A total of 60 cartilage samples were harvested from five donors (four males, one female; 46.2±11.2 years old). The cartilage samples were soaked in PBS and inhibitor solutions, including E-64 (catalog no. S7379; SelleckChem, Houston, TX), 4-(2-aminoethyl)-benzenesulfonyl fluoride (AEBSF) (catalog no. S7378; SelleckChem), and Ilomastat/GM6001 (catalog no. S7157; SelleckChem) for two hours to rehydrate the samples and prevent autolysis. Samples were then rinsed in PBS solution for one hour to stop the inhibitors, weighed, and underwent baseline MR scanning. Next, 30 samples were incubated in a 3-ml 1mg/ml of trypsin-in-PBS solution (tryp group) and the remaining 30 samples were incubated in PBS at 37°C for three hours (PBS group), similar to the trypsin digestion procedure described above. After samples had cooled at room temperature for 30 minutes, samples were weighed again, and a post-digestion MR scan was performed. After scanning, samples were rinsed in PBS for one hour.

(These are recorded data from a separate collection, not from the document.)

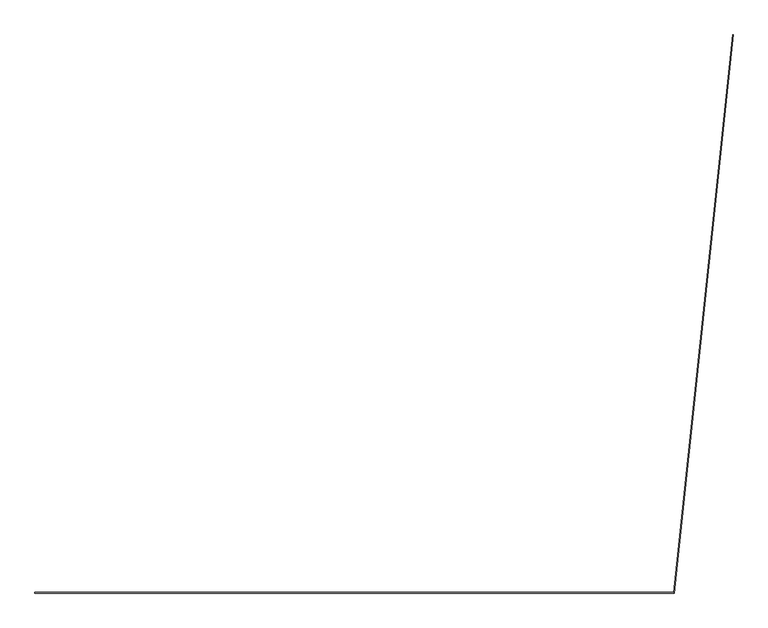
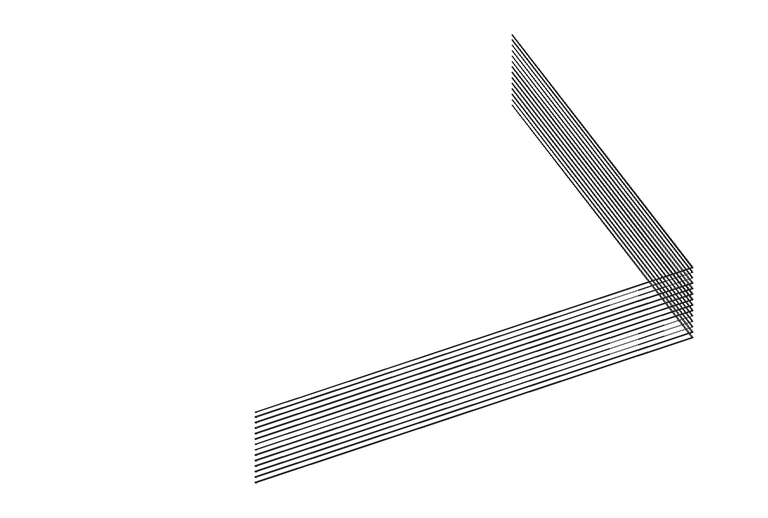
"""IFC4 building model written with IfcOpenShell, lengths in millimetres: railing geometry."""

import ifcopenshell
import ifcopenshell.guid

model = None  # the IFC model being written
_history = None  # IfcOwnerHistory: only IFC2X3 demands one
_inside = {}  # id of a spatial element -> (the spatial element, [elements in it])
_under = {}  # id of a project, library or spatial element -> (it, [spatial elements below it])
_declared = {}  # id of a project -> (the project, [libraries it declares])
_typed = {}  # id of a type object -> (the type object, [elements of that type])
_made_of = {}  # id of a material, layer set ... -> (it, [elements and type objects made of it])


def new_model(schema):
    """Start an empty IFC model of exactly this schema.

    Asked for "IFC4X3", IfcOpenShell would pick the latest addendum, in which some entities
    have other attributes; the version numbers below select the first issue.
    IFC2X3 requires an IfcOwnerHistory on every rooted entity: one is made here for all.
    """
    global model, _history
    if schema == "IFC4X3":
        model = ifcopenshell.file(schema_version=(4, 3, 0, 0))
    else:
        model = ifcopenshell.file(schema=schema)
    _inside.clear()
    _under.clear()
    _declared.clear()
    _typed.clear()
    _made_of.clear()
    _history = None
    if model.schema == "IFC2X3":
        org = make("IfcOrganization", Name="unknown")
        user = make(
            "IfcPersonAndOrganization",
            ThePerson=make("IfcPerson", FamilyName="unknown"),
            TheOrganization=org,
        )
        app = make(
            "IfcApplication",
            ApplicationDeveloper=org,
            Version="unknown",
            ApplicationFullName="unknown",
            ApplicationIdentifier="unknown",
        )
        _history = make(
            "IfcOwnerHistory",
            OwningUser=user,
            OwningApplication=app,
            ChangeAction="ADDED",
            CreationDate=0,
        )
    return model


def make(cls, **values):
    """One entity of the class cls with the attributes given. An attribute that is None is left unset."""
    return model.create_entity(
        cls, **{name: value for name, value in values.items() if value is not None}
    )


def rooted(cls, **values):
    """An entity with a GlobalId (a new one), such as an element, a storey or a relation."""
    return make(cls, GlobalId=ifcopenshell.guid.new(), OwnerHistory=_history, **values)


def si_unit(unit_type, name, prefix=None):
    """IfcSIUnit, for example si_unit("LENGTHUNIT", "METRE", prefix="MILLI")."""
    return make("IfcSIUnit", UnitType=unit_type, Prefix=prefix, Name=name)


def assignment(units):
    """IfcUnitAssignment: the units of a project."""
    return None if units is None else make("IfcUnitAssignment", Units=units)


def point(xyz):
    """IfcCartesianPoint."""
    return None if xyz is None else make("IfcCartesianPoint", Coordinates=xyz)


def direction(xyz):
    """IfcDirection."""
    return None if xyz is None else make("IfcDirection", DirectionRatios=xyz)


def frame(location, z_axis=None, x_axis=None):
    """IfcAxis2Placement3D, a coordinate frame: its origin and axes. An axis left out is left unset."""
    return make(
        "IfcAxis2Placement3D",
        Location=point(location),
        Axis=direction(z_axis),
        RefDirection=direction(x_axis),
    )


def origin():
    """The frame at (0, 0, 0) with its axes left unset."""
    return frame((0.0, 0.0, 0.0))


def place(relative_to, where):
    """IfcLocalPlacement: puts the frame where relative to a parent placement (None: the world)."""
    return make(
        "IfcLocalPlacement", PlacementRelTo=relative_to, RelativePlacement=where
    )


def context(
    kind, dimensions, precision=None, world=None, true_north=None, identifier=None
):
    """IfcGeometricRepresentationContext, for example the 3D "Model" context."""
    return make(
        "IfcGeometricRepresentationContext",
        ContextIdentifier=identifier,
        ContextType=kind,
        CoordinateSpaceDimension=dimensions,
        Precision=precision,
        WorldCoordinateSystem=world,
        TrueNorth=true_north,
    )


def project(units=None, contexts=None):
    """IfcProject with its units and contexts."""
    return rooted(
        "IfcProject",
        Name="project",
        RepresentationContexts=contexts,
        UnitsInContext=assignment(units),
    )


def spatial(cls, under=None, at=None, **own):
    """A site, building, storey or space (cls), placed at a placement, below another one or the project."""
    s = rooted(cls, ObjectPlacement=at, **own)
    if under is not None:
        _under.setdefault(under.id(), (under, []))[1].append(s)
    return s


def circle_curve(where, radius):
    """IfcCircle in the frame where."""
    return make("IfcCircle", Position=where, Radius=radius)


def ellipse_curve(where, semi_axis1, semi_axis2):
    """IfcEllipse in the frame where."""
    return make(
        "IfcEllipse", Position=where, SemiAxis1=semi_axis1, SemiAxis2=semi_axis2
    )


def shape(context_of_items, identifier, shape_type, items):
    """IfcShapeRepresentation: the items that make up one representation, for example the "Body"."""
    return make(
        "IfcShapeRepresentation",
        ContextOfItems=context_of_items,
        RepresentationIdentifier=identifier,
        RepresentationType=shape_type,
        Items=items,
    )


def source(mapping_origin, context_of_items, identifier, shape_type, items):
    """IfcRepresentationMap: a shape defined once, which mapped items show again and again."""
    return make(
        "IfcRepresentationMap",
        MappingOrigin=mapping_origin,
        MappedRepresentation=shape(context_of_items, identifier, shape_type, items),
    )


def transform(
    local_origin,
    x_axis=None,
    y_axis=None,
    z_axis=None,
    scale=None,
    scale2=None,
    scale3=None,
    uniform=True,
):
    """IfcCartesianTransformationOperator3D, or its non-uniform kind. x_axis, y_axis, z_axis: its Axis1, 2, 3."""
    if uniform:
        return make(
            "IfcCartesianTransformationOperator3D",
            Axis1=direction(x_axis),
            Axis2=direction(y_axis),
            LocalOrigin=point(local_origin),
            Scale=scale,
            Axis3=direction(z_axis),
        )
    return make(
        "IfcCartesianTransformationOperator3DnonUniform",
        Axis1=direction(x_axis),
        Axis2=direction(y_axis),
        LocalOrigin=point(local_origin),
        Scale=scale,
        Axis3=direction(z_axis),
        Scale2=scale2,
        Scale3=scale3,
    )


def mapped(mapping_source, mapping_target):
    """IfcMappedItem: shows the shape of a source again, moved by a transform."""
    return make(
        "IfcMappedItem", MappingSource=mapping_source, MappingTarget=mapping_target
    )


def made_of(thing, what):
    """Note that an element or type object is made of a material, layer set ...; save() writes the relation."""
    if what is not None:
        _made_of.setdefault(what.id(), (what, []))[1].append(thing)
    return thing


def element(
    cls,
    number,
    at=None,
    inside=None,
    cuts=None,
    type_object=None,
    material=None,
    context=None,
    identifier="Body",
    shape_type=None,
    held_by="IfcProductDefinitionShape",
    body=None,
    shapes=None,
    **own,
):
    """One element of the class cls, such as IfcWall. Its Tag is "e" and its number.

    at: its placement. inside: the storey or other place that contains it. cuts: it is an
    opening in that element (IfcRelVoidsElement). A single representation is given by context,
    identifier, shape_type and body (its items); several are given by shapes. held_by: the class
    of the entity that holds the representations. save() writes the other relations.
    """
    e = rooted(cls, Tag="e%d" % number, ObjectPlacement=at, **own)
    if body is not None:
        shapes = [shape(context, identifier, shape_type, body)]
    if shapes is not None:
        e.Representation = make(held_by, Representations=shapes)
    if inside is not None:
        _inside.setdefault(inside.id(), (inside, []))[1].append(e)
    if cuts is not None:
        rooted(
            "IfcRelVoidsElement", RelatingBuildingElement=cuts, RelatedOpeningElement=e
        )
    if type_object is not None:
        _typed.setdefault(type_object.id(), (type_object, []))[1].append(e)
    return made_of(e, material)


def aggregate(whole, parts):
    """IfcRelAggregates: a whole, such as a stair, and the parts it consists of."""
    return rooted("IfcRelAggregates", RelatingObject=whole, RelatedObjects=parts)


def save(model, path):
    """Write the relations noted so far, then the file.

    IfcRelAggregates (storeys below a building ...), IfcRelContainedInSpatialStructure (elements
    in a storey), IfcRelDefinesByType, IfcRelAssociatesMaterial and IfcRelDeclares: one each for
    every whole, place, type object, material and project.
    """
    for whole, parts in _under.values():
        aggregate(whole, parts)
    for where, things in _inside.values():
        rooted(
            "IfcRelContainedInSpatialStructure",
            RelatedElements=things,
            RelatingStructure=where,
        )
    for kind, things in _typed.values():
        rooted("IfcRelDefinesByType", RelatedObjects=things, RelatingType=kind)
    for what, things in _made_of.values():
        rooted("IfcRelAssociatesMaterial", RelatedObjects=things, RelatingMaterial=what)
    for by, libraries in _declared.values():
        rooted("IfcRelDeclares", RelatingContext=by, RelatedDefinitions=libraries)
    model.write(path)


def plane_surface(at):
    """IfcPlane: the flat surface through the origin of the frame at, square to its z axis."""
    return make("IfcPlane", Position=at)


def cylinder_surface(at, radius):
    """IfcCylindricalSurface: all points at the distance radius from the z axis of the frame at."""
    return make("IfcCylindricalSurface", Position=at, Radius=radius)


def advanced_brep(points, edges, surfaces, faces):
    """IfcAdvancedBrep: a solid bounded by faces that lie on surfaces and meet in shared edges.

    An edge is (start, end): straight between two places in points (the first is 0);
    or (start, end, curve); or (start, end, curve, False) where it runs against its curve.
    A face is (place in surfaces, loops), or (place, loops, False) where it looks against
    its surface's normal. A loop lists edges by number (the first is 1), with a minus sign
    where the edge is run from its end to its start. The first loop is the outer one.
    """
    corners = [point(p) for p in points]
    vertices = [make("IfcVertexPoint", VertexGeometry=c) for c in corners]
    made = []
    for start, end, *more in edges:
        made.append(
            make(
                "IfcEdgeCurve",
                EdgeStart=vertices[start],
                EdgeEnd=vertices[end],
                EdgeGeometry=more[0] if more else make("IfcPolyline", Points=[corners[start], corners[end]]),
                SameSense=more[1] if len(more) > 1 else True,
            )
        )
    hull = []
    for where, loops, *sense in faces:
        bounds = []
        for j, loop in enumerate(loops):
            ring = [make("IfcOrientedEdge", EdgeElement=made[abs(k) - 1], Orientation=k > 0) for k in loop]
            bounds.append(
                make(
                    "IfcFaceOuterBound" if j == 0 else "IfcFaceBound",
                    Bound=make("IfcEdgeLoop", EdgeList=ring),
                    Orientation=True,
                )
            )
        hull.append(make("IfcAdvancedFace", Bounds=bounds, FaceSurface=surfaces[where], SameSense=sense[0] if sense else True))
    return make("IfcAdvancedBrep", Outer=make("IfcClosedShell", CfsFaces=hull))


def railing_c9f429d1(model_context):
    return source(origin(), model_context, "Body", "AdvancedBrep", [
        advanced_brep(
        [(34239.1491327, 30677.9041051, 270256.79375), (34234.4127222, 30678.4019219, 270256.79375), (27919.3590778, 25622.1094112, 270256.79375), (27919.3590778, 25626.8719112, 270256.79375), (33707.7636978, 25622.1094112, 270256.79375), (33703.4755235, 25626.8719112, 270256.79375)],
        [
            (0, 1, circle_curve(frame((34236.7809275, 30678.1530135, 270256.79375), z_axis=(0.10452846326765991, 0.9945218953682727, 0.0), x_axis=(-0.9945218953682727, 0.10452846326765991, 0.0)), 2.38125)),
            (1, 0, circle_curve(frame((34236.7809275, 30678.1530135, 270256.79375), z_axis=(0.10452846326765991, 0.9945218953682727, 0.0), x_axis=(-0.9945218953682727, 0.10452846326765991, 0.0)), 2.38125)),
            (2, 3, circle_curve(frame((27919.3590778, 25624.4906612, 270256.79375), z_axis=(-1.0, 0.0, 0.0), x_axis=(0.0, 1.0, 0.0)), 2.38125)),
            (3, 2, circle_curve(frame((27919.3590778, 25624.4906612, 270256.79375), z_axis=(-1.0, 0.0, 0.0), x_axis=(0.0, 1.0, 0.0)), 2.38125)),
            (0, 4),
            (4, 5, ellipse_curve(frame((33705.6196106, 25624.4906612, 270256.79375), z_axis=(0.7431448254773977, 0.6691306063588546, 0.0), x_axis=(-0.6691306063588546, 0.7431448254773974, 0.0)), 3.2042879, 2.38125)),
            (5, 1),
            (5, 4, ellipse_curve(frame((33705.6196106, 25624.4906612, 270256.79375), z_axis=(0.7431448254773977, 0.6691306063588546, 0.0), x_axis=(-0.6691306063588546, 0.7431448254773974, 0.0)), 3.2042879, 2.38125)),
            (4, 2),
            (3, 5),
        ],
        [
            plane_surface(frame((34236.7809275, 30678.1530135, 270259.175), z_axis=(0.10452846326765991, 0.9945218953682727, 0.0), x_axis=(0.9945218953682727, -0.10452846326765991, 0.0))),
            plane_surface(frame((27919.3590778, 25624.4906612, 270259.175), z_axis=(-1.0, 0.0, 0.0), x_axis=(0.0, -1.0, 0.0))),
            cylinder_surface(frame((34236.7809275, 30678.1530135, 270256.79375), z_axis=(0.10452846326765991, 0.9945218953682727, 0.0), x_axis=(-0.9945218953682727, 0.10452846326765991, 0.0)), 2.38125),
            cylinder_surface(frame((33705.6196106, 25624.4906612, 270256.79375), z_axis=(1.0, 0.0, 0.0), x_axis=(0.0, 1.0, 0.0)), 2.38125),
        ],
        [
            (0, [[1, 2]]),
            (1, [[3, 4]]),
            (2, [[-1, 5, 6, 7]]),
            (2, [[-2, -7, 8, -5]]),
            (3, [[-6, 9, -4, 10]]),
            (3, [[-8, -10, -3, -9]]),
        ],
    ),
        advanced_brep(
        [(34239.1491327, 30677.9041051, 270190.11875), (34234.4127222, 30678.4019219, 270190.11875), (33707.7636978, 25622.1094112, 270190.11875), (33703.4755235, 25626.8719112, 270190.11875), (27919.3590778, 25622.1094112, 270190.11875), (27919.3590778, 25626.8719112, 270190.11875)],
        [
            (0, 1, circle_curve(frame((34236.7809275, 30678.1530135, 270190.11875), z_axis=(0.10452846326765991, 0.9945218953682727, 0.0), x_axis=(-0.9945218953682727, 0.10452846326765991, 0.0)), 2.38125)),
            (1, 0, circle_curve(frame((34236.7809275, 30678.1530135, 270190.11875), z_axis=(0.10452846326765991, 0.9945218953682727, 0.0), x_axis=(-0.9945218953682727, 0.10452846326765991, 0.0)), 2.38125)),
            (0, 2),
            (2, 3, ellipse_curve(frame((33705.6196106, 25624.4906612, 270190.11875), z_axis=(0.7431448254773977, 0.6691306063588546, 0.0), x_axis=(-0.6691306063588546, 0.7431448254773974, 0.0)), 3.2042879, 2.38125)),
            (3, 1),
            (3, 2, ellipse_curve(frame((33705.6196106, 25624.4906612, 270190.11875), z_axis=(0.7431448254773977, 0.6691306063588546, 0.0), x_axis=(-0.6691306063588546, 0.7431448254773974, 0.0)), 3.2042879, 2.38125)),
            (4, 5, circle_curve(frame((27919.3590778, 25624.4906612, 270190.11875), z_axis=(-1.0, 0.0, 0.0), x_axis=(0.0, 1.0, 0.0)), 2.38125)),
            (5, 4, circle_curve(frame((27919.3590778, 25624.4906612, 270190.11875), z_axis=(-1.0, 0.0, 0.0), x_axis=(0.0, 1.0, 0.0)), 2.38125)),
            (2, 4),
            (5, 3),
        ],
        [
            plane_surface(frame((34236.7809275, 30678.1530135, 270192.5), z_axis=(0.10452846326765991, 0.9945218953682727, 0.0), x_axis=(0.9945218953682727, -0.10452846326765991, 0.0))),
            cylinder_surface(frame((34236.7809275, 30678.1530135, 270190.11875), z_axis=(0.10452846326765991, 0.9945218953682727, 0.0), x_axis=(-0.9945218953682727, 0.10452846326765991, 0.0)), 2.38125),
            plane_surface(frame((27919.3590778, 25624.4906612, 270192.5), z_axis=(-1.0, 0.0, 0.0), x_axis=(0.0, -1.0, 0.0))),
            cylinder_surface(frame((33705.6196106, 25624.4906612, 270190.11875), z_axis=(1.0, 0.0, 0.0), x_axis=(0.0, 1.0, 0.0)), 2.38125),
        ],
        [
            (0, [[1, 2]]),
            (1, [[-1, 3, 4, 5]]),
            (1, [[-2, -5, 6, -3]]),
            (2, [[7, 8]]),
            (3, [[-4, 9, -8, 10]]),
            (3, [[-6, -10, -7, -9]]),
        ],
    ),
        advanced_brep(
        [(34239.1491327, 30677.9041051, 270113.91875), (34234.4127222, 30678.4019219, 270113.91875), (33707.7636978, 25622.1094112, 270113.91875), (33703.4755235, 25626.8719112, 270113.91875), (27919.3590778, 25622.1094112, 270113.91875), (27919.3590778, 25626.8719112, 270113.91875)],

Next, the tryp group and the PBS group were divided to form four subgroups (n=15 samples each) for subsequent Tris and collagenase incubation. One tryp subgroup and one PBS subgroup were incubated in 30U/ml collagenase (30U col) (catalog no. C0773; Sigma-Aldrich) with Tris buffer solution made from 50 mM Tris buffer and 2 mM calcium acetate buffer (termed tryp+30U col and PBS+30U col groups, respectively). The remaining tryp and PBS subgroups were incubated in only Tris buffer solution at 37°C for 24 hours (tryp+Tris and PBS+Tris, respectively). Tris buffer solution will not have profound effect on PG or collagen content of cartilage. Following this incubation period, samples in all four groups were weighed for the third time and underwent MRI scanning.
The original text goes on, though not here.